Nie chcę tu nikogo bronić, ale to nie było jeszcze dno - była walka, były sytuacje (niewiele, ale jednak). Nie można przecież zawsze wygrywać, a dziś Getafe grało na prawdę toporny futbol, któremu trudno sprostać.
Nie rozpaczam więc, zagraliśmy słaby mecz, ale nie beznadziejny.
A jak już chcecie tak dalej narzekać to spójrzcie może na to, co ostatnio pokazuje Barca - nie grają wcale lepiej, punkty zbierają wielkim szczęściem.
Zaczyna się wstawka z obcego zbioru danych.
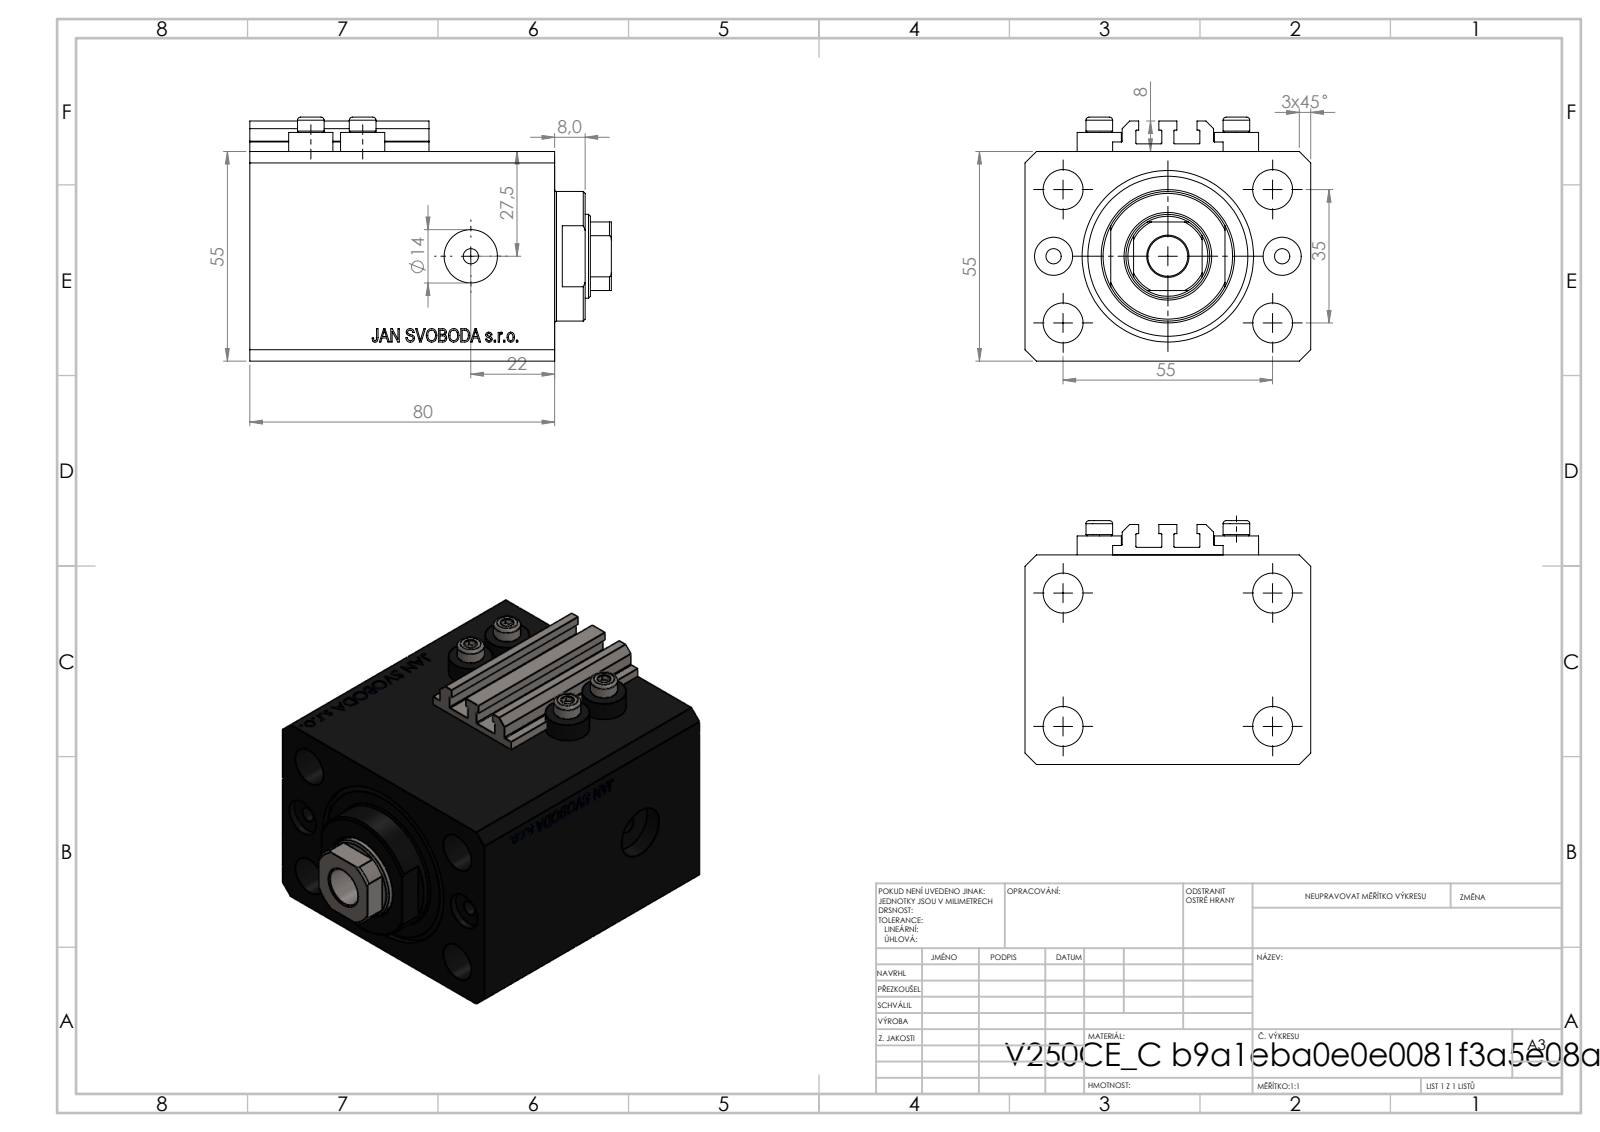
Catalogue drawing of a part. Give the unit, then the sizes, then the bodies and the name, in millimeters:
Units: millimetres
Overall size (bounding box): 94.9 × 75 × 64
Round holes (diameter × count): ⌀4 ×8, ⌀10.5 ×5, ⌀10 ×2, ⌀14 ×2, ⌀22 ×1, ⌀32 ×1, ⌀45 ×1
Round bosses / shafts (diameter × count): ⌀11.6 ×4, ⌀7 ×4, ⌀34 ×1
Partial cylindrical surfaces — rounded edges, fillets, slot ends (radius × count): R0.2 ×10, R10.5 ×1
Main face-to-face distances: 55, 75, 80, 27.1, 52.9, 9.9, 43, 70.1, 3, 8
Hole centre spacings: 17.68, 32.6, 60.1, 36, 13.6, 30, 35, 38.48
Volume: 304 987 mm³ · Surface area: 74 112 mm²
Bodies: 8 solids, 1033 faces (503 planar, 86 cylindrical, 444 other)
Part name (STEP PRODUCT): V250CE_VC_C; V250CE_C_VCP; ALLEN BOLT V250CE; V250CE_C_Body
STEP written by: SolidWorks 2019 (CONFIG_CONTROL_DESIGN)

22. Angulo18.02.2008; 07:43
AnguloTo ostateczna likwidacja marzeń o Lidze Mistrzów w przyszłym sezonie.
23. pedro118.02.2008; 09:51
Chyba nikt przy zdrowych zmysłach nie sądził, że załapiemy się na LM.
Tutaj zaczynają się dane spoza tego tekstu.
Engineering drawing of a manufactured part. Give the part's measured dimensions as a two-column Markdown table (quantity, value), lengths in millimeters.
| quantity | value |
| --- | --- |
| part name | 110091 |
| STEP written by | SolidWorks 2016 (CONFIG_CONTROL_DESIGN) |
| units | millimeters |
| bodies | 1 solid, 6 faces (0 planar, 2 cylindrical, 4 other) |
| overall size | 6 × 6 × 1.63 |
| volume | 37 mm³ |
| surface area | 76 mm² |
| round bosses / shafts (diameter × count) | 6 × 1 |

Jak sama nazwa wskazuje LM jest dla mistrzów.
24. bialy_wilk18.02.2008; 11:34
1 do 4 miejsca odrobiony zawsze cos
zostalo tylko 7
wierze ze sie uda
a co do Koemana-dajmy mu czas
przyszedl w srodku sezonu i chyba nikt nie spodziewal sie cudow
25. Gajos18.02.2008; 14:12
GajosI powiecie dlaczego pan Koeman jest jeszcze szkoleniowcem Valenci
26. kakaVCF18.02.2008; 15:59
Ja tez tak jak bialy_wilk wierze ze bedzie LM dla VCF
teraz porostu nie mozemy przegrywac i bedzie ok
AMUNT!!!
27. benji18.02.2008; 19:29
benjiDo miejsc promowanych udziałem w LM brakuje nam tylko 7 pkt. więc nie jest jeszcze tak źle

BTW. Angulo ---> to nie pierwsza i nie ostatnia "ostateczna likwidacja marzeń" jaka na tym serwisie się pojawia. Przeżyłem poprzednie więc i kolejne przeżyję.